RECORDS SUPPLIED:
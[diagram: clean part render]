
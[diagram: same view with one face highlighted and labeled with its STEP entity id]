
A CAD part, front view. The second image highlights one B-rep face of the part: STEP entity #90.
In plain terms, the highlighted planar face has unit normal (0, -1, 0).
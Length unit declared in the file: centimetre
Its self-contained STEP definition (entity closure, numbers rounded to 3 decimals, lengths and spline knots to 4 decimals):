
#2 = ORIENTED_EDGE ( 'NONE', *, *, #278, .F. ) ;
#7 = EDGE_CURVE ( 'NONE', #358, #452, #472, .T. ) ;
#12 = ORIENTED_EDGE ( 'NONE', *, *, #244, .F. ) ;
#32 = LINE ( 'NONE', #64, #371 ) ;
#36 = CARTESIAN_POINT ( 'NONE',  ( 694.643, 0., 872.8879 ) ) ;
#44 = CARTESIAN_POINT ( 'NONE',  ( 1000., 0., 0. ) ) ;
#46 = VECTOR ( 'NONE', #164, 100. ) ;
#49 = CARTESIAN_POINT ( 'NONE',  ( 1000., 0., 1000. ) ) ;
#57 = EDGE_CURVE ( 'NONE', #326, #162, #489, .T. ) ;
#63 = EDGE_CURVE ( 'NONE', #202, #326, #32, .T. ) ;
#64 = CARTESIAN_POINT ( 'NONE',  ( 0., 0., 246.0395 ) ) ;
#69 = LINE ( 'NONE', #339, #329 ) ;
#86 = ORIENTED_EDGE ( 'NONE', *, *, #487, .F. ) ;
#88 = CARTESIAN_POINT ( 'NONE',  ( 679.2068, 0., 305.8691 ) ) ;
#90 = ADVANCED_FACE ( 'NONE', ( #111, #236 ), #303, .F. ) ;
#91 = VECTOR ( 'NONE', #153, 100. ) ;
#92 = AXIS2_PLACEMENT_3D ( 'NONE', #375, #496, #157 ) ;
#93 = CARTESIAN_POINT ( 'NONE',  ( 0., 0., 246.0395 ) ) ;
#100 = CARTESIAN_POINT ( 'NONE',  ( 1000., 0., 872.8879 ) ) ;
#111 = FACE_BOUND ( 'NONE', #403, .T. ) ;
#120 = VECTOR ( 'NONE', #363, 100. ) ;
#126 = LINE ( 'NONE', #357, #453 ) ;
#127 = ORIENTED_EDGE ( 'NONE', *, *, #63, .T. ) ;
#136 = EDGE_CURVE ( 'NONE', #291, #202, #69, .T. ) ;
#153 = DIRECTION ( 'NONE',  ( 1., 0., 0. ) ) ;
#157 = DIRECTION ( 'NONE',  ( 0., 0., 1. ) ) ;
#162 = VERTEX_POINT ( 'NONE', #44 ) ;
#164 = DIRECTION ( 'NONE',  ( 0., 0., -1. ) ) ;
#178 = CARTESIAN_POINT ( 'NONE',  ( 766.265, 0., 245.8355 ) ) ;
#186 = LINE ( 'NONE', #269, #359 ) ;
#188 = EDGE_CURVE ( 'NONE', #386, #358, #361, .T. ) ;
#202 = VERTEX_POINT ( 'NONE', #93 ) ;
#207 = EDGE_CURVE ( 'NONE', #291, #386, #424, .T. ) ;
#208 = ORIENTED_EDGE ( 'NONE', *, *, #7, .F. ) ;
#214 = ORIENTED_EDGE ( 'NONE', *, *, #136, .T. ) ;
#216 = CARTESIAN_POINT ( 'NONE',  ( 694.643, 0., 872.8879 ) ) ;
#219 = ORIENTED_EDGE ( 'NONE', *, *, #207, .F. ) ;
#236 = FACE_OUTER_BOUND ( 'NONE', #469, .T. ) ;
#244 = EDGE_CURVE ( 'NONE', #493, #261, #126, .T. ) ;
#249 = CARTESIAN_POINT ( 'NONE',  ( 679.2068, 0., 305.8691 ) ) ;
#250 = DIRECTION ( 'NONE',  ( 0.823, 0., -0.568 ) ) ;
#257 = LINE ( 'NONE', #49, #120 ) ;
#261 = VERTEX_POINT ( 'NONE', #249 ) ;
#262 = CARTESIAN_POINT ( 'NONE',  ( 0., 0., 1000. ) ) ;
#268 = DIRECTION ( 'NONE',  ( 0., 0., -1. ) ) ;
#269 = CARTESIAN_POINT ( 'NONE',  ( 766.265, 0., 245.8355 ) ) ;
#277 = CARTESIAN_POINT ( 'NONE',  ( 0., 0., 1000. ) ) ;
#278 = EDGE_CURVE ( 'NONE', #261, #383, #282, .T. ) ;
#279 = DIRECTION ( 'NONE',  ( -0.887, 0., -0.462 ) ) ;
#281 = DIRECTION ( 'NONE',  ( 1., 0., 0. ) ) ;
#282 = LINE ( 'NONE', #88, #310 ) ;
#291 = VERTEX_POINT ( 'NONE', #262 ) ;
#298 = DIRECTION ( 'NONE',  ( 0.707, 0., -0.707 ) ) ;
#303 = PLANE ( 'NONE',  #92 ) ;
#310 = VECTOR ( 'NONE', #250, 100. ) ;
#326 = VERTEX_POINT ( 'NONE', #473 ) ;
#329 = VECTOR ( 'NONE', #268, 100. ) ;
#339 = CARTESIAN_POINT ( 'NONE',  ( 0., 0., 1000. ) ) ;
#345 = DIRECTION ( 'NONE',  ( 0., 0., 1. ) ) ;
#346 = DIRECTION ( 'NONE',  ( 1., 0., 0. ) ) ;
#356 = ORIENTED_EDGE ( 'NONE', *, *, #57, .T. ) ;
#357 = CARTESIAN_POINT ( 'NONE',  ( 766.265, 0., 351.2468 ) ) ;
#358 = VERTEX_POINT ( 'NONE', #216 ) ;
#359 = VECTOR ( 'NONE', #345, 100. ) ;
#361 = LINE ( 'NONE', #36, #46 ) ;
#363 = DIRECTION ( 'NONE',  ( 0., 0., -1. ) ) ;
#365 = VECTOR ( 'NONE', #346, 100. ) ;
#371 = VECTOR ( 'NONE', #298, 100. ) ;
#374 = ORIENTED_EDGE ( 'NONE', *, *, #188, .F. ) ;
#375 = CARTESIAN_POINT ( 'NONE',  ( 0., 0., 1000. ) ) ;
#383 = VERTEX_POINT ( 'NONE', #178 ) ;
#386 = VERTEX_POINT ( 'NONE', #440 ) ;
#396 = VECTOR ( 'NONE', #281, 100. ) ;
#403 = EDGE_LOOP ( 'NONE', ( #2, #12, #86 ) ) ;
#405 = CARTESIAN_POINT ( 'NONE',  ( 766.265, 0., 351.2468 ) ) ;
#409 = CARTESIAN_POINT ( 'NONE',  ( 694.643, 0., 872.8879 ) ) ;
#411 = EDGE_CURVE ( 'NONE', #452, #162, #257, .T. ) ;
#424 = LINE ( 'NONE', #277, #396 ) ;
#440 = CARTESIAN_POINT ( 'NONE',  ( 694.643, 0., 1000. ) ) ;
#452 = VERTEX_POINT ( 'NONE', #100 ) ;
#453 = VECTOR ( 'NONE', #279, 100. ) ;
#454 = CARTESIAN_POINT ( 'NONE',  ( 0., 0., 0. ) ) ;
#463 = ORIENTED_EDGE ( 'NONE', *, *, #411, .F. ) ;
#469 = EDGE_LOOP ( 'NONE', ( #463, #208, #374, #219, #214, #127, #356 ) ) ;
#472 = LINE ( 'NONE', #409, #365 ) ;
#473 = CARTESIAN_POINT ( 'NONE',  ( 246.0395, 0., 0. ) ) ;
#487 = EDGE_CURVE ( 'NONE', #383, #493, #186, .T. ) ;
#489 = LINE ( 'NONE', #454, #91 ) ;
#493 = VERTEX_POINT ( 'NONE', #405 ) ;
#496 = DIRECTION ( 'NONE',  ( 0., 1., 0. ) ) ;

WHAT IS EXPECTED: Using the entries above, repeat only the lines from the one containing "Its self-contained STEP" through the one containing "#57 = EDGE_CURVE", end lines included.

RESULT FOR THIS EXERCISE:
Its self-contained STEP definition (entity closure, numbers rounded to 3 decimals, lengths and spline knots to 4 decimals):
#2 = ORIENTED_EDGE ( 'NONE', *, *, #278, .F. ) ;
#7 = EDGE_CURVE ( 'NONE', #358, #452, #472, .T. ) ;
#12 = ORIENTED_EDGE ( 'NONE', *, *, #244, .F. ) ;
#32 = LINE ( 'NONE', #64, #371 ) ;
#36 = CARTESIAN_POINT ( 'NONE',  ( 694.643, 0., 872.8879 ) ) ;
#44 = CARTESIAN_POINT ( 'NONE',  ( 1000., 0., 0. ) ) ;
#46 = VECTOR ( 'NONE', #164, 100. ) ;
#49 = CARTESIAN_POINT ( 'NONE',  ( 1000., 0., 1000. ) ) ;
#57 = EDGE_CURVE ( 'NONE', #326, #162, #489, .T. ) ;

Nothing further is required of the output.